E.B. White on the “Bonus Army” in 1932

The Bonus Army protests ended badly for these veterans. Here you see a clash with police. Later, Gen. Douglas MacArthur moved in with tanks and tear gas. Two protesters were killed.

You may find this interesting. In light of what’s going on with Occupy Wall Street, The New Yorker dug up some pieces that E.B. White wrote about the “Bonus Army” demonstrations in 1932. TNY noted that “While deeply sympathetic to the plight of the jobless in the Great Depression (see this Comment from earlier in the year), White was largely dismissive of the Bonus Army.”

The piece went on to quote White directly:

In a democracy, there are a thousand, ten thousand groups…. Each has its own particular sorrow and its grievance; there exists no common tyranny against which to rebel, not even the tyranny of hard times. If you mixed bonus marchers with Kentucky miners, they would probably spend the rest of their lives arguing about what to rebel against.

I could identify with that. With White’s attitude, that is. One of the things that bothers me so much about political parties is that they are aggregations of people who pretend their aims are the same, and mesh perfectly — when they don’t.

But even more pertinent to the protests we see today is this bit: “there exists no common tyranny against which to rebel.” To see the OWS as coherent, as having a point, you have to believe that there is some identifiable They that is oppressing the demonstrators.

But I could also identify with this sympathetic observation from a week later:

Being out of a job perforates the walls of the mind, and thoughts seep off into strange channels. To say that the country is as rich as it ever was is a joke: something is gone that used to be here—the spirit of millions of men is gone, and a man’s spirit is just as real a natural resource as gold or wheat or lumber.

While I don’t see it that darkly, I do see the world as vastly changed from what it was a generation ago. Different for my children than for me. Funny thing was, I felt like things were harder for us than for our parents. Yeah, we had more stuff as a generation — but it took two salaries even to be in the middle class, which had not been true for our parents’ generation.

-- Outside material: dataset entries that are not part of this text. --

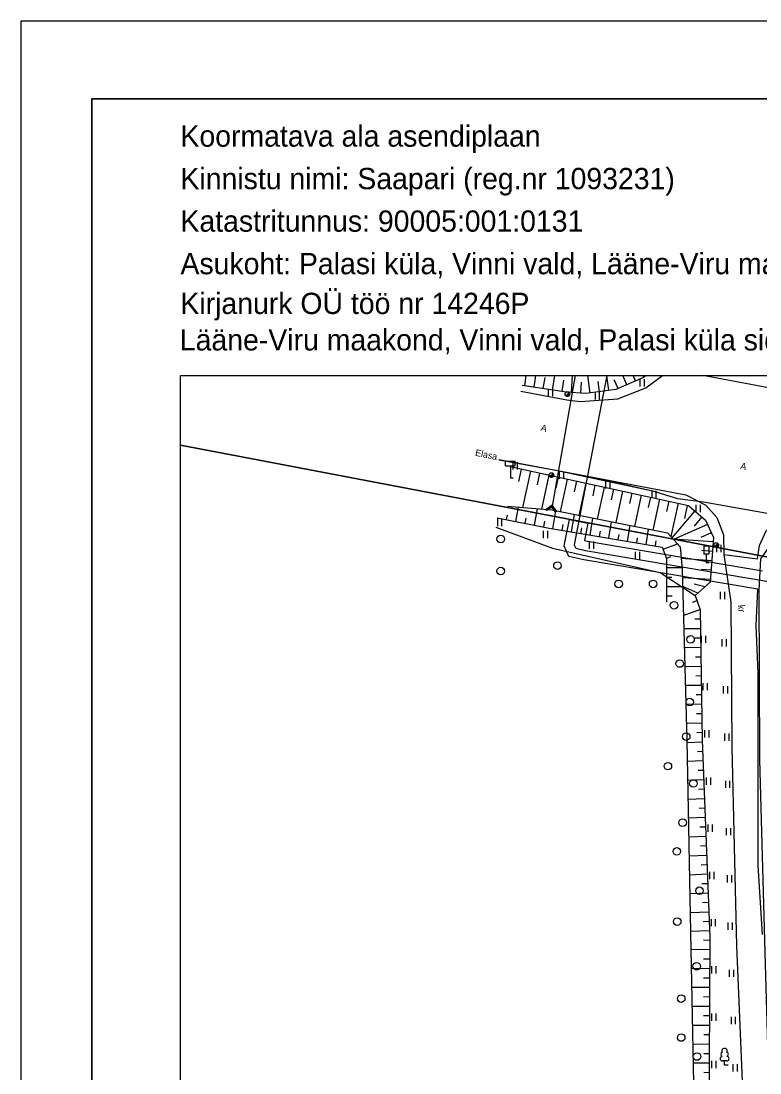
# Model space of a CAD drawing. Extents: x 657488 to 657645, y 6569018 to 6569240.
# Drawn here: x 657487.9 to 657566.2, y 6569129 to 6569240.4 of the extents above; entities that cross this region are included whole.
import ezdxf

# ---------------------------------------------------------------- set-up
doc = ezdxf.new("R2010")
doc.units = 0
for name, color, linetype in [('HALJASTUS', 7, 'Continuous'), ('KASUTUSALA', 7, 'Continuous'), ('LIIKLUS', 7, 'Continuous'), ('PIIR', 7, 'Continuous'), ('POST', 7, 'Continuous'), ('PR_SIDE', 7, 'Continuous'), ('PUU', 7, 'Continuous'), ('RELJEEF', 7, 'Continuous'), ('SITRASS', 7, 'Continuous'), ('TEE', 7, 'Continuous'), ('TRUUP', 7, 'Continuous'), ('VORMISTUS', 7, 'Continuous')]:
    doc.layers.add(name, color=color, linetype=linetype)

msp = doc.modelspace()

# ---------------------------------------------------------------- linework, layer by layer
at = {"layer": 'HALJASTUS'}
for p, q in [((657553.45, 6569202.46), (657553.45, 6569201.69)), ((657553.91, 6569202.46), (657553.91, 6569201.69)), ((657543.76, 6569201.42), (657543.76, 6569200.66)), ((657544.22, 6569201.42), (657544.22, 6569200.66)), ((657548.72, 6569201.07), (657548.72, 6569200.31)), ((657549.17, 6569201.07), (657549.17, 6569200.31)), ((657540.02, 6569193.66), (657540.02, 6569192.9)), ((657540.48, 6569193.66), (657540.48, 6569192.9)), ((657544.92, 6569192.66), (657544.92, 6569191.9)), ((657545.38, 6569192.66), (657545.38, 6569191.9)), ((657549.82, 6569191.66), (657549.82, 6569190.9)), ((657550.28, 6569191.66), (657550.28, 6569190.9)), ((657554.72, 6569190.65), (657554.72, 6569189.89)), ((657555.17, 6569190.65), (657555.17, 6569189.89)), ((657559.4, 6569189.15), (657559.4, 6569188.39)), ((657559.85, 6569189.15), (657559.85, 6569188.39)), ((657538.38, 6569187.66), (657538.38, 6569186.9)), ((657538.83, 6569187.66), (657538.83, 6569186.9)), ((657543.21, 6569186.4), (657543.21, 6569185.64)), ((657543.67, 6569186.4), (657543.67, 6569185.64)), ((657548.08, 6569185.26), (657548.08, 6569184.5)), ((657548.54, 6569185.26), (657548.54, 6569184.5)), ((657552.96, 6569184.18), (657552.96, 6569183.42)), ((657553.42, 6569184.18), (657553.42, 6569183.42)), ((657561.57, 6569184.92), (657561.57, 6569184.16)), ((657562.03, 6569184.92), (657562.03, 6569184.16)), ((657561.97, 6569179.94), (657561.97, 6569179.18)), ((657562.43, 6569179.94), (657562.43, 6569179.18)), ((657559.97, 6569175.3), (657559.97, 6569174.54)), ((657560.43, 6569175.3), (657560.43, 6569174.54)), ((657562.15, 6569174.95), (657562.15, 6569174.18)), ((657562.61, 6569174.95), (657562.61, 6569174.18)), ((657560.14, 6569170.3), (657560.14, 6569169.54)), ((657560.6, 6569170.3), (657560.6, 6569169.54)), ((657562.28, 6569169.95), (657562.28, 6569169.19)), ((657562.74, 6569169.95), (657562.74, 6569169.19)), ((657560.32, 6569165.3), (657560.32, 6569164.54)), ((657560.77, 6569165.3), (657560.77, 6569164.54)), ((657562.41, 6569164.95), (657562.41, 6569164.19)), ((657562.87, 6569164.95), (657562.87, 6569164.19)), ((657560.49, 6569160.31), (657560.49, 6569159.54)), ((657560.94, 6569160.31), (657560.94, 6569159.54)), ((657562.52, 6569159.95), (657562.52, 6569159.19)), ((657562.97, 6569159.95), (657562.97, 6569159.19)), ((657560.66, 6569155.31), (657560.66, 6569154.55)), ((657561.11, 6569155.31), (657561.11, 6569154.55)), ((657562.61, 6569154.95), (657562.61, 6569154.19)), ((657563.06, 6569154.95), (657563.06, 6569154.19)), ((657560.83, 6569150.31), (657560.83, 6569149.55)), ((657561.28, 6569150.31), (657561.28, 6569149.55)), ((657562.7, 6569149.95), (657562.7, 6569149.19)), ((657563.15, 6569149.95), (657563.15, 6569149.19)), ((657561, 6569145.31), (657561, 6569144.55)), ((657561.45, 6569145.31), (657561.45, 6569144.55)), ((657562.78, 6569144.95), (657562.78, 6569144.19)), ((657563.24, 6569144.95), (657563.24, 6569144.19)), ((657561.05, 6569140.32), (657561.05, 6569139.55)), ((657561.5, 6569140.32), (657561.5, 6569139.55)), ((657562.93, 6569139.95), (657562.93, 6569139.19)), ((657563.39, 6569139.95), (657563.39, 6569139.19)), ((657561.05, 6569135.32), (657561.05, 6569134.55)), ((657561.5, 6569135.32), (657561.5, 6569134.55)), ((657563.12, 6569134.96), (657563.12, 6569134.2)), ((657563.57, 6569134.96), (657563.57, 6569134.2)), ((657561.05, 6569130.32), (657561.05, 6569129.55)), ((657561.5, 6569130.32), (657561.5, 6569129.55)), ((657563.3, 6569129.96), (657563.3, 6569129.2)), ((657563.76, 6569129.96), (657563.76, 6569129.2))]:
    msp.add_line(p, q, dxfattribs=at)
msp.add_lwpolyline([(657538.21, 6569186.78), (657544.22, 6569184.58), (657555.63, 6569181.98), (657559.31, 6569179.56)], dxfattribs=at)
for centre in [(657538.73, 6569185.54), (657544.74, 6569182.72), (657538.73, 6569182.15), (657551.22, 6569180.78), (657554.87, 6569180.78), (657557.08, 6569178.53), (657558.83, 6569174.91), (657557.69, 6569172.36), (657558.75, 6569168.28), (657558.37, 6569164.63), (657556.43, 6569161.5), (657559.13, 6569159.67), (657557.99, 6569155.52), (657557.38, 6569152.48), (657559.78, 6569148.32), (657557.42, 6569145.05), (657559.48, 6569140.33), (657557.84, 6569136.9), (657557.84, 6569132.78), (657559.52, 6569130.77)]:
    msp.add_circle(centre, 0.4, dxfattribs=at)
at = {"layer": 'KASUTUSALA'}
msp.add_lwpolyline([(657566.45, 6569143.68), (657566, 6569150.98), (657566, 6569171.38), (657565.79, 6569176.4), (657565.97, 6569180.22), (657547.53, 6569183.35), (657545.96, 6569183.69), (657545.46, 6569184.82), (657546, 6569187.61), (657547.96, 6569187.23), (657547.6, 6569185.38), (657547.91, 6569185.32), (657566.45, 6569182.17)], dxfattribs=at)
at = {"layer": 'LIIKLUS'}
for p, q in [((657539.25, 6569193.78), (657540.25, 6569193.78)), ((657539.25, 6569193.28), (657539.25, 6569193.78)), ((657539.25, 6569193.28), (657540.25, 6569193.28)), ((657539.75, 6569193.28), (657539.75, 6569192.03)), ((657540.25, 6569193.28), (657540.25, 6569193.78)), ((657539.75, 6569192.03), (657540.05, 6569192.03)), ((657560.25, 6569184.78), (657560.25, 6569183.93)), ((657560.75, 6569184.78), (657560.25, 6569184.78)), ((657560.75, 6569183.93), (657560.25, 6569183.93)), ((657560.5, 6569183.93), (657560.5, 6569183.03)), ((657560.75, 6569184.78), (657560.75, 6569183.93)), ((657560.75, 6569183.03), (657560.5, 6569183.03))]:
    msp.add_line(p, q, dxfattribs=at)
at = {"layer": 'PIIR'}
for p, q in [((657628.56, 6569171.87), (657504.81, 6569195.46)), ((657504.81, 6569195.46), (657628.56, 6569171.87))]:
    msp.add_line(p, q, dxfattribs=at)
for points in [[(657628.56, 6569189.83), (657571.83, 6569200.65), (657569.16, 6569201.16), (657560.13, 6569202.86)], [(657571.76, 6569202.86), (657571.83, 6569200.65), (657569.16, 6569201.16), (657560.13, 6569202.86)]]:
    msp.add_lwpolyline(points, dxfattribs=at)
at = {"layer": 'POST'}
for p, q in [((657545.62, 6569200.7), (657545.97, 6569201.05)), ((657543.92, 6569192.12), (657544.28, 6569192.48)), ((657561.38, 6569184.73), (657561.73, 6569185.08))]:
    msp.add_line(p, q, dxfattribs=at)
for centre in [(657545.8, 6569200.88), (657544.1, 6569192.3), (657561.55, 6569184.9)]:
    msp.add_circle(centre, 0.25, dxfattribs=at)
for centre, radius, start, end in [((657545.8, 6569200.88), 0.225, 224.8541, 45.0356), ((657545.8, 6569200.88), 0.2, 224.8427, 45.047), ((657545.8, 6569200.88), 0.175, 224.8281, 45.0616), ((657545.8, 6569200.88), 0.15, 224.8087, 45.081), ((657545.8, 6569200.88), 0.125, 224.7814, 45.1083), ((657545.8, 6569200.88), 0.1, 224.7406, 45.1491), ((657545.8, 6569200.88), 0.075, 224.6725, 45.2172), ((657545.8, 6569200.88), 0.05, 224.5363, 45.3534), ((657545.8, 6569200.88), 0.025, 224.1278, 45.7619), ((657544.1, 6569192.3), 0.225, 224.8541, 45.0356), ((657544.1, 6569192.3), 0.2, 224.8427, 45.047), ((657544.1, 6569192.3), 0.175, 224.8281, 45.0616), ((657544.1, 6569192.3), 0.15, 224.8087, 45.081), ((657544.1, 6569192.3), 0.125, 224.7814, 45.1083), ((657544.1, 6569192.3), 0.1, 224.7406, 45.1491), ((657544.1, 6569192.3), 0.075, 224.6725, 45.2172), ((657544.1, 6569192.3), 0.05, 224.5363, 45.3534), ((657544.1, 6569192.3), 0.025, 224.1278, 45.7619), ((657561.55, 6569184.9), 0.225, 224.8541, 45.0356), ((657561.55, 6569184.9), 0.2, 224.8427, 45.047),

Anyway, just some tidbits for thought…

9 thoughts on “E.B. White on the “Bonus Army” in 1932

  1. Phillip

    No common tyranny? Well, I wouldn’t use the word tyranny necessarily, nor need we point at a specific “They” so much as a specific “It.” White was wrong then, but of course the Bonus Army was just the first wave of what became the electoral landslide of the next two elections, the implementation of the New Deal, and the modification of what had been fairly unbridled capitalism into something more approaching a social democracy, balancing the dual (and NOT necessarily complementary) halves of our American essence, capitalism and democracy.

    You hit the nail on the head in talking about needing two incomes to stay in the middle class, etc. That’s true, and now even that is not a guarantee of middle-class-ness in our country. The specific aims of OWS may be vague around the edges, but I think Kristof’s main point holds…and even for the TP for that matter, though their remedy is different. The game has become too rigged. I hate to say it, but Palin’s phrase “crony capitalism” is exactly the problem. To me, capitalism followed to its ultimate end, without checks and balances, is inherently antithetical to democracy, because power will always accrue towards wealth.

    I admire much about libertarianism, as often expressed by our friend Doug here, but I ultimately couldn’t buy into that philosophy because I believe it, like many other -isms, represents an unattainable Utopian ideal, and as Isaiah Berlin tells us, Utopianism in itself is a huge danger to mankind. It’s utopian because even if government is hands-off and does not “pick winners and losers” as the saying goes, there still will be winners and losers, and with no state checks on the power of wealth to determine the path for all, one will end up with the same (or worse) situation of government run by the wealthy and powerful, FOR the interests of the wealthy and powerful.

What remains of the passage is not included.